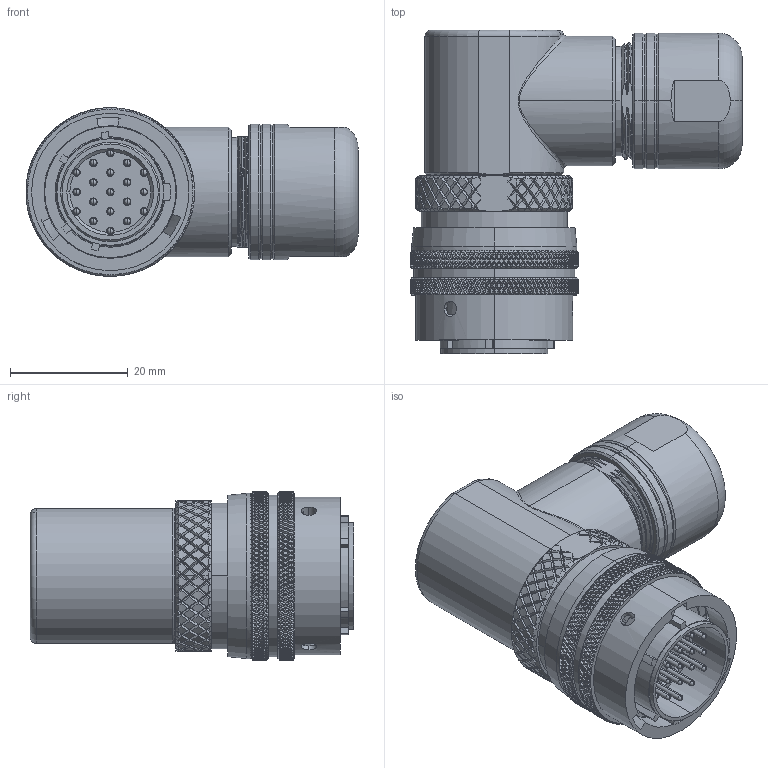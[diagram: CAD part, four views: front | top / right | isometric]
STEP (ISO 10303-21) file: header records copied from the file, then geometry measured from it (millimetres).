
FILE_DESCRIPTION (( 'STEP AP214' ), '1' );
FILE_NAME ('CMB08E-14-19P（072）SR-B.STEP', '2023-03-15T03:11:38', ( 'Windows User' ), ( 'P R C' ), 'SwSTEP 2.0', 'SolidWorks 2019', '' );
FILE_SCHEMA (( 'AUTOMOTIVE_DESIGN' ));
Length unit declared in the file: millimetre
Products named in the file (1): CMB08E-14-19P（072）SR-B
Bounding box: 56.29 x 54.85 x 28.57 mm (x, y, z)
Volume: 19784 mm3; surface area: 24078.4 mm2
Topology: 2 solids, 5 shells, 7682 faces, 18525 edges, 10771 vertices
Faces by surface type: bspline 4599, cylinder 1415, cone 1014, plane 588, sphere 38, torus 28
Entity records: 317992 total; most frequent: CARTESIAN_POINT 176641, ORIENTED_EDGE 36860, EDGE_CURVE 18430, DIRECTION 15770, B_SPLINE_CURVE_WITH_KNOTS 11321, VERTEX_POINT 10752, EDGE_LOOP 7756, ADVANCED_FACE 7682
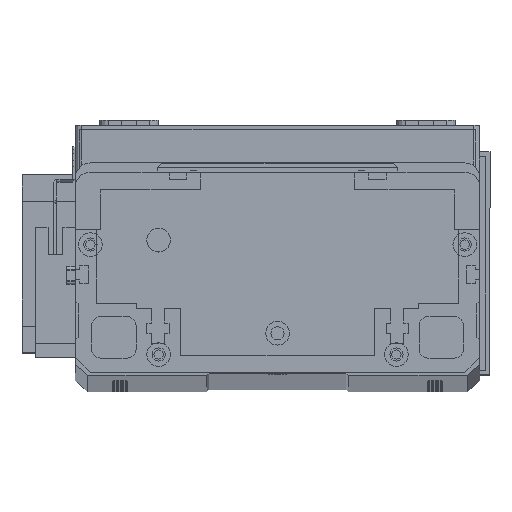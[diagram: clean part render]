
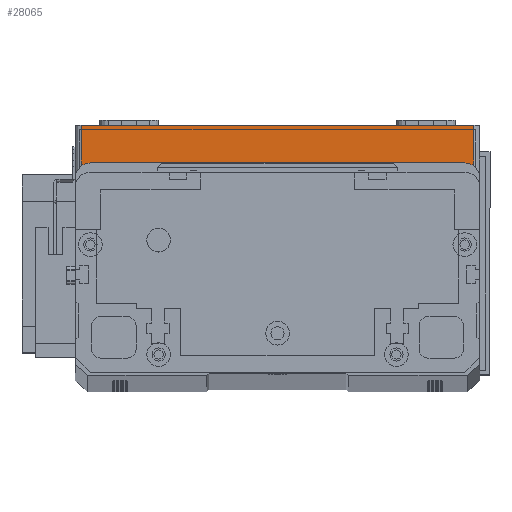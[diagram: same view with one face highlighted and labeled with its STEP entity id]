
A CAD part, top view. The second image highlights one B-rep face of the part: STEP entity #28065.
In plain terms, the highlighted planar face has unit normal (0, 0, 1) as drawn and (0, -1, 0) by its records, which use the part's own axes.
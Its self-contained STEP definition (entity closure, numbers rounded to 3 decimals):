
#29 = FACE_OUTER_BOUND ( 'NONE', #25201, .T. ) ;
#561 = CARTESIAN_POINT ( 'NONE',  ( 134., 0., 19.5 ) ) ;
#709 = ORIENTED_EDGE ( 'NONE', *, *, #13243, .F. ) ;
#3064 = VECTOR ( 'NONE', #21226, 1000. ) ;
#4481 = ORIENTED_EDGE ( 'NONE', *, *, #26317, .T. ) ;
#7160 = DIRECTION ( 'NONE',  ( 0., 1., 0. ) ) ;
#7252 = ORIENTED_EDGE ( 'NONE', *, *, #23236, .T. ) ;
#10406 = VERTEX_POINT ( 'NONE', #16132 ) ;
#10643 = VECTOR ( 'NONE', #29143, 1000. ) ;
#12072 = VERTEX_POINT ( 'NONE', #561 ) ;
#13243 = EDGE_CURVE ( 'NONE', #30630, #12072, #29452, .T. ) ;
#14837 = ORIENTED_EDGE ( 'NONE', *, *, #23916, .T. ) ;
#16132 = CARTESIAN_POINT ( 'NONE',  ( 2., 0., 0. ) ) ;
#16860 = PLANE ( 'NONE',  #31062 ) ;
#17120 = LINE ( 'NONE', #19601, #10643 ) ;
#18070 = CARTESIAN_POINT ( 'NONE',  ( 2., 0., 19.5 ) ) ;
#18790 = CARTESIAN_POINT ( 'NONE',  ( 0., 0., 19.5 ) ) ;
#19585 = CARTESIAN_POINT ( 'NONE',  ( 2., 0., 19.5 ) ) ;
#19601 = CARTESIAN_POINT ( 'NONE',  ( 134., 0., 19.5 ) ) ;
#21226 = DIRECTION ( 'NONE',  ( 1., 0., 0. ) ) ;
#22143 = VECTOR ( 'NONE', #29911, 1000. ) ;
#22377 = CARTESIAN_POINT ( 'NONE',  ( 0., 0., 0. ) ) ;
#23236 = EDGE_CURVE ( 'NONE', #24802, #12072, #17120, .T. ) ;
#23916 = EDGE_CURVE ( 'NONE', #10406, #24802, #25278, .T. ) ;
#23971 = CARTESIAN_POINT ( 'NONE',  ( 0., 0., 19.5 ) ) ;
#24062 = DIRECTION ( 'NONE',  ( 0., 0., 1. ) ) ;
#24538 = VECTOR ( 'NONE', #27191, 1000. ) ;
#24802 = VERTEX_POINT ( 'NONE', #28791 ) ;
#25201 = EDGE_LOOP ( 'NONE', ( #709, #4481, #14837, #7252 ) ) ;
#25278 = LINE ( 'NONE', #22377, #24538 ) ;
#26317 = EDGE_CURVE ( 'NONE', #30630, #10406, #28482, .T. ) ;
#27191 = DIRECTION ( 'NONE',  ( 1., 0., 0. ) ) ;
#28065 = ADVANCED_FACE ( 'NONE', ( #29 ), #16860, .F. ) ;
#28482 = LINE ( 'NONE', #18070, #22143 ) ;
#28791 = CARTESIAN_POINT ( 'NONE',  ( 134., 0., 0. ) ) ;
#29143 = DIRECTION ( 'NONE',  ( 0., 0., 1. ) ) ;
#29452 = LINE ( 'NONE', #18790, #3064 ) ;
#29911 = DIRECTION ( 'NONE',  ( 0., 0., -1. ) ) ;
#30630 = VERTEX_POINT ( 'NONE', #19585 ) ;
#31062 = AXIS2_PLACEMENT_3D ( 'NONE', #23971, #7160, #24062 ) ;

* [About this exercise]
Exactly the lines from the one containing "#3064 = VECTOR ( 'NONE', #21226, 1000. ) ;" to the last line of the entries above must be duplicated, with both of those lines included and nothing more.

* [Task output]
#3064 = VECTOR ( 'NONE', #21226, 1000. ) ;
#4481 = ORIENTED_EDGE ( 'NONE', *, *, #26317, .T. ) ;
#7160 = DIRECTION ( 'NONE',  ( 0., 1., 0. ) ) ;
#7252 = ORIENTED_EDGE ( 'NONE', *, *, #23236, .T. ) ;
#10406 = VERTEX_POINT ( 'NONE', #16132 ) ;
#10643 = VECTOR ( 'NONE', #29143, 1000. ) ;
#12072 = VERTEX_POINT ( 'NONE', #561 ) ;
#13243 = EDGE_CURVE ( 'NONE', #30630, #12072, #29452, .T. ) ;
#14837 = ORIENTED_EDGE ( 'NONE', *, *, #23916, .T. ) ;
#16132 = CARTESIAN_POINT ( 'NONE',  ( 2., 0., 0. ) ) ;
#16860 = PLANE ( 'NONE',  #31062 ) ;
#17120 = LINE ( 'NONE', #19601, #10643 ) ;
#18070 = CARTESIAN_POINT ( 'NONE',  ( 2., 0., 19.5 ) ) ;
#18790 = CARTESIAN_POINT ( 'NONE',  ( 0., 0., 19.5 ) ) ;
#19585 = CARTESIAN_POINT ( 'NONE',  ( 2., 0., 19.5 ) ) ;
#19601 = CARTESIAN_POINT ( 'NONE',  ( 134., 0., 19.5 ) ) ;
#21226 = DIRECTION ( 'NONE',  ( 1., 0., 0. ) ) ;
#22143 = VECTOR ( 'NONE', #29911, 1000. ) ;
#22377 = CARTESIAN_POINT ( 'NONE',  ( 0., 0., 0. ) ) ;
#23236 = EDGE_CURVE ( 'NONE', #24802, #12072, #17120, .T. ) ;
#23916 = EDGE_CURVE ( 'NONE', #10406, #24802, #25278, .T. ) ;
#23971 = CARTESIAN_POINT ( 'NONE',  ( 0., 0., 19.5 ) ) ;
#24062 = DIRECTION ( 'NONE',  ( 0., 0., 1. ) ) ;
#24538 = VECTOR ( 'NONE', #27191, 1000. ) ;
#24802 = VERTEX_POINT ( 'NONE', #28791 ) ;
#25201 = EDGE_LOOP ( 'NONE', ( #709, #4481, #14837, #7252 ) ) ;
#25278 = LINE ( 'NONE', #22377, #24538 ) ;
#26317 = EDGE_CURVE ( 'NONE', #30630, #10406, #28482, .T. ) ;
#27191 = DIRECTION ( 'NONE',  ( 1., 0., 0. ) ) ;
#28065 = ADVANCED_FACE ( 'NONE', ( #29 ), #16860, .F. ) ;
#28482 = LINE ( 'NONE', #18070, #22143 ) ;
#28791 = CARTESIAN_POINT ( 'NONE',  ( 134., 0., 0. ) ) ;
#29143 = DIRECTION ( 'NONE',  ( 0., 0., 1. ) ) ;
#29452 = LINE ( 'NONE', #18790, #3064 ) ;
#29911 = DIRECTION ( 'NONE',  ( 0., 0., -1. ) ) ;
#30630 = VERTEX_POINT ( 'NONE', #19585 ) ;
#31062 = AXIS2_PLACEMENT_3D ( 'NONE', #23971, #7160, #24062 ) ;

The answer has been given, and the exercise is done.